Через узкие щели было видно всё левобережье реки и даже чуть дальше, в дымке, где кончался съежившийся лес и начиналась степь. В тот момент, когда он вернулся в командный пункт, все по очереди уже смотрели в стереотрубу. Если крутить колесико справа, то в панораму оптики охотно вползали силуэты чадящих, как керосинки, танков, которых на равнине перед укрепрайоном, нащелкано было немерено. Их обгорелые коробки темнели то там, то здесь. Хваленые немецкие «леопарды-2», продырявленные и убитые, с копотью на боках, с крестами, похожими на фашистские – будто бы ничего не изменилось, будто бы шла отечественная война. Некоторые доползли до воды, но их тоже подбили. Причём похоже было, что потом уже стреляли по ним ради удовольствия – раз за разом разбивая бронированные чудовища и превращая их в дырявую мишень. Видно было, что пушкари тренировались ради повышения мастерства. Но и без этого они сделали своё дело на твердую пятерку.

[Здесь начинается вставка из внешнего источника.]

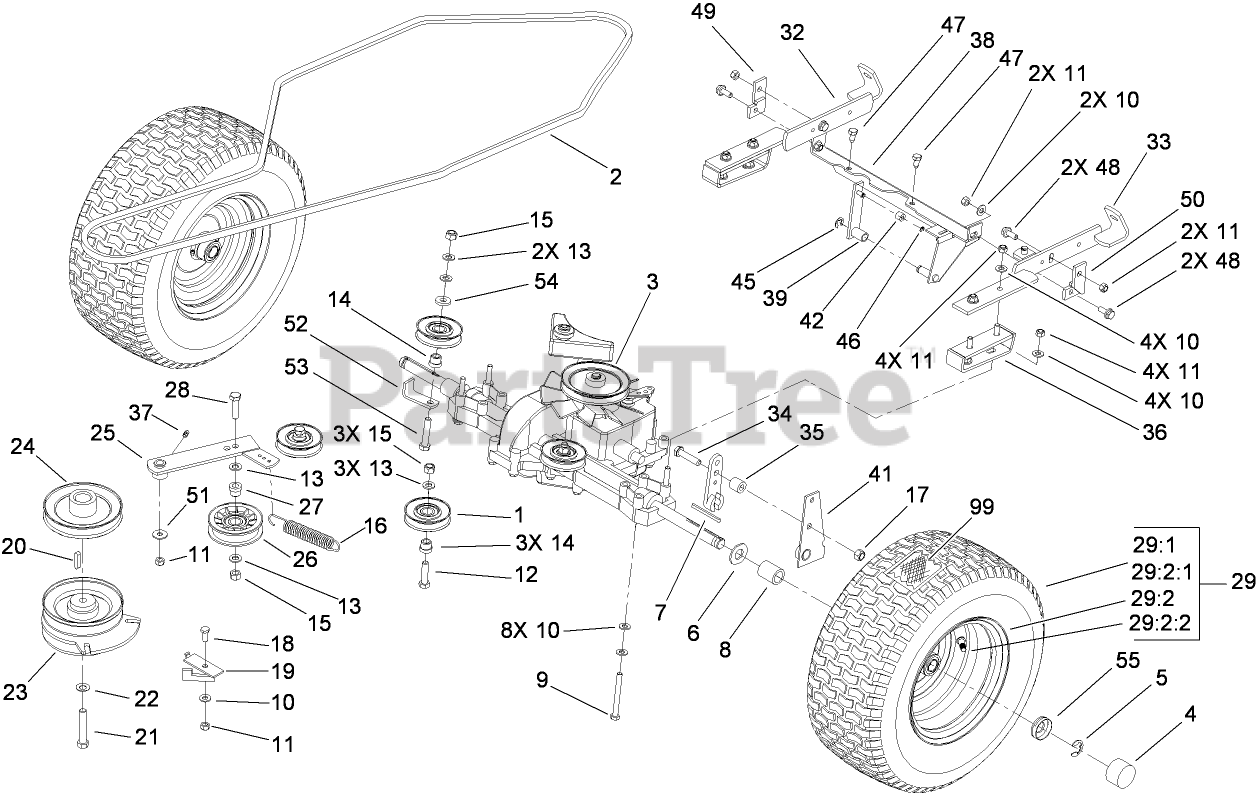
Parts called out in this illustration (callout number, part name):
1	PULLEY-IDLER
2	V-BELT-TRACTION
3	TRANSMISSION
4	CAP-HUB
5	CLIP-SPRING
6	WASHER
7	KEY-SQUARE
8	SPACER-AXLE
9	SCREW-HH
10	WASHER-PLAIN
11	NUT-LOCK, NI
12	SCREW-HH
13	WASHER-FLAT
14	BUSHING-IDLER
15	NUT-LOCK, NI
16	SPRING
17	NUT-LOCK, NI
18	SCREW-HH
19	RETAINER
20	KEY-SQUARE
21	SCREW-HH
22	WASHER-SPRING, BELLEVILLE
23	CLUTCH-ELECTRIC
24	PULLEY-ENGINE
25	ARM-IDLER
26	PULLEY-IDLER
27	BUSHING-IDLER
28	SCREW-HH
29	Loose Parts Package
29:1	TIRE
29:2	WHEEL ASM
29:2:1	Loose Parts Package
29:2:2	Valve-Tire
32	Bracket-Right
33	Bracket-Left
34	SCREW-HH
35	SLEEVE
36	BRACKET-SUPPORT
37	FITTING-GREASE
38	Bar ASM
42	Roller
45	Stirrup
46	STIRRUP
47	SCREW-THREAD FORMING
48	SCREW-HEX
49	BRACKET-RIGHT
50	BRACKET-LEFT
51	WASHER-PLAIN
52	RETAINER-BELT
53	SCREW-HH
54	WASHER-FLAT
55	RETAINER-CAP, HUB

– Хотели взять нас нахрапом, – с гордостью стал рассказывать Большаков. – Выстроились своим любим клином и поперли. Мы их ещё на Караванной стали щелкать. Ну а когда они уже вышли на прямую наводку, тут наши истребители постарались. Заметьте, у нас даже контуженных не было.

Только тогда Костя понял, что за гул доносился с южной стороны города два дня кряду – «Петрополь» отбивался. Было это в самом начале, когда они только-только попали в Донецк, сразу окунувшись в бои за аэропорт, и до Петрополя, конечно, не добрались. А надо было сразу, подумал он, с интересом разглядывая в оптику «леопарда», который приполз к воде, будто напиться, и был изрешечен, как сито, но даже в таком виде смотрелся весьма зловеще со своей клиновидной башней. В её хищной конфигурации было что-то от старых немецких танков, которые обычно показывают в кино, хотя, с другой стороны, сквозь пробитую броню были видны одуванчики, а вездесущая трава уже проросла между распущенными гусеницами. Природа быстро брала своё.

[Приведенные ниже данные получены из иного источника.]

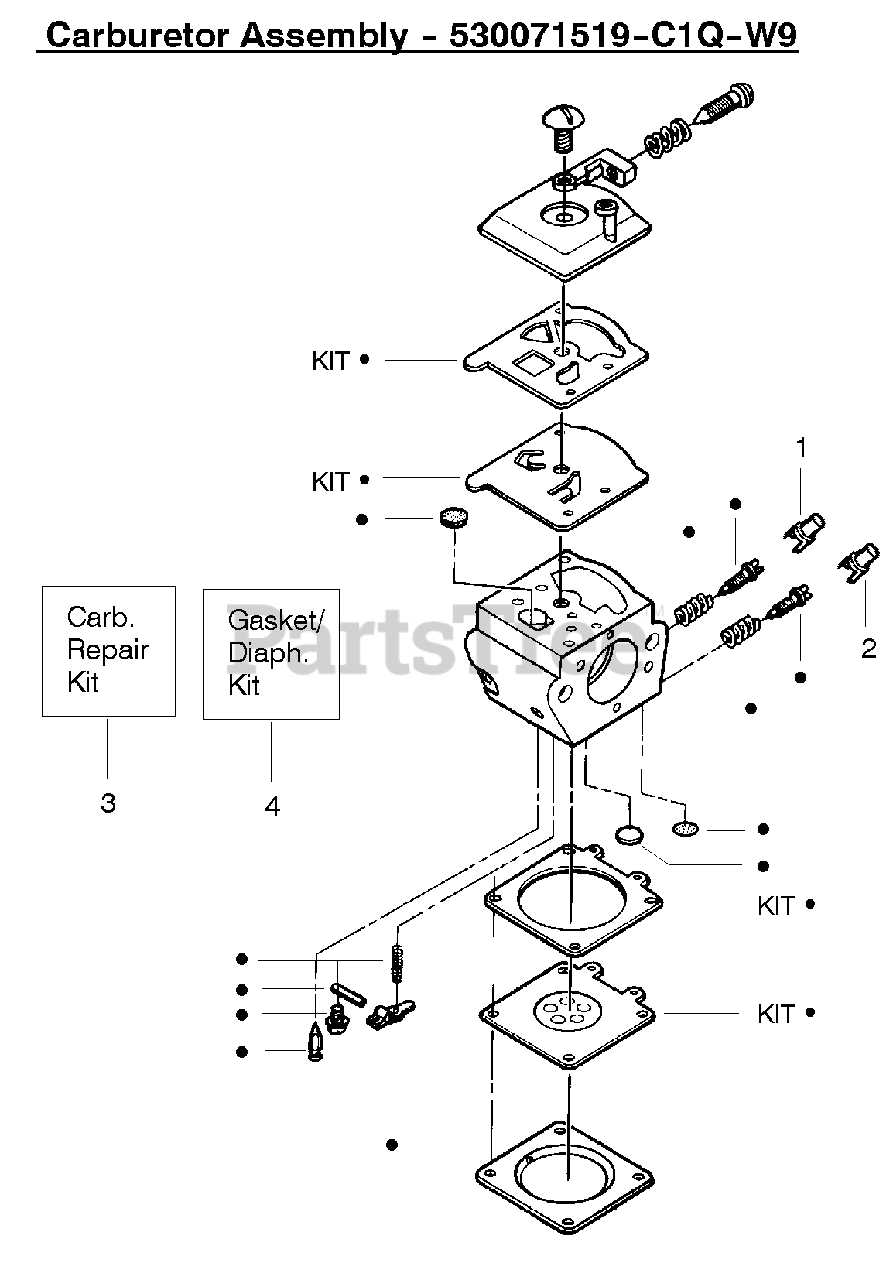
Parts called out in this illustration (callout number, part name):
1	Limiter Cap-High
2	Limiter Cap-Low
3	Carburetor Repair Kit
4	Gasket/Diaphragm Kit (KIT=Indicates Contents)

– Было больше, – похвастался Большаков, – да утащили. По ночам очень даже стараются. Думают, что мы их не видим. Приехали бы к нам неделю назад, посмотрели бы во всей красе. Сегодня утащат вон тот, видите?

– Какой?.. Какой?.. – быстро спросила Завета, отрываясь от окуляра и почему-то бросая перво-наперво взгляд своих тёмных, стремительных глаз на Костю.

Ну ничего не понял, думал он, чуть ошалело. Опять она за старое.